→ Task brief
Check every line of the data below for the word "DIRECTION". Copy the ones that have it.

(Records from a collection)
* * * * * * * * *
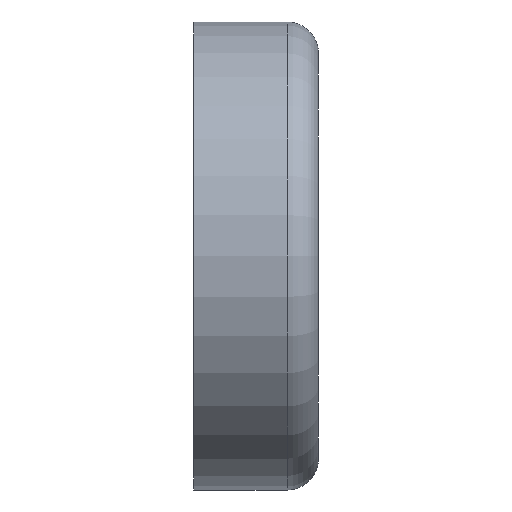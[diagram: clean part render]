
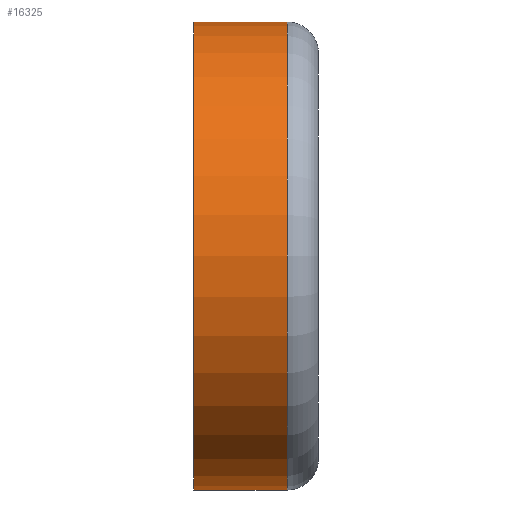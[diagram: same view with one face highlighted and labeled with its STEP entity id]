
A CAD part, front view. The second image highlights one B-rep face of the part: STEP entity #16325.
In plain terms, the highlighted cylindrical face has radius 225 mm (diameter 450 mm), a full revolution.
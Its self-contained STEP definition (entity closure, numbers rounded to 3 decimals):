
#770=CYLINDRICAL_SURFACE('',#17611,225.);
#2490=CIRCLE('',#17610,225.);
#2491=CIRCLE('',#17612,225.);
#3669=ORIENTED_EDGE('',*,*,#8988,.T.);
#3670=ORIENTED_EDGE('',*,*,#8987,.F.);
#8987=EDGE_CURVE('',#11632,#11632,#2490,.T.);
#8988=EDGE_CURVE('',#11633,#11633,#2491,.T.);
#11632=VERTEX_POINT('',#26398);
#11633=VERTEX_POINT('',#26401);
#13920=EDGE_LOOP('',(#3669));
#13921=EDGE_LOOP('',(#3670));
#15108=FACE_BOUND('',#13920,.T.);
#15109=FACE_BOUND('',#13921,.T.);
#16325=ADVANCED_FACE('',(#15108,#15109),#770,.T.);
#17610=AXIS2_PLACEMENT_3D('',#26397,#19225,#19226);
#17611=AXIS2_PLACEMENT_3D('',#26399,#19227,#19228);
#17612=AXIS2_PLACEMENT_3D('',#26400,#19229,#19230);
#19225=DIRECTION('',(-1.,0.,0.));
#19226=DIRECTION('',(0.,0.,1.));
#19227=DIRECTION('',(-1.,0.,0.));
#19228=DIRECTION('',(0.,0.,1.));
#19229=DIRECTION('',(-1.,0.,0.));
#19230=DIRECTION('',(0.,0.,1.));
#26397=CARTESIAN_POINT('',(0.,0.,0.));
#26398=CARTESIAN_POINT('',(0.,0.,225.));
#26399=CARTESIAN_POINT('',(60.,0.,0.));
#26400=CARTESIAN_POINT('',(90.,0.,0.));
#26401=CARTESIAN_POINT('',(90.,0.,225.));
* * * * * * * * *
→ Answer below
#19225=DIRECTION('',(-1.,0.,0.));
#19226=DIRECTION('',(0.,0.,1.));
#19227=DIRECTION('',(-1.,0.,0.));
#19228=DIRECTION('',(0.,0.,1.));
#19229=DIRECTION('',(-1.,0.,0.));
#19230=DIRECTION('',(0.,0.,1.));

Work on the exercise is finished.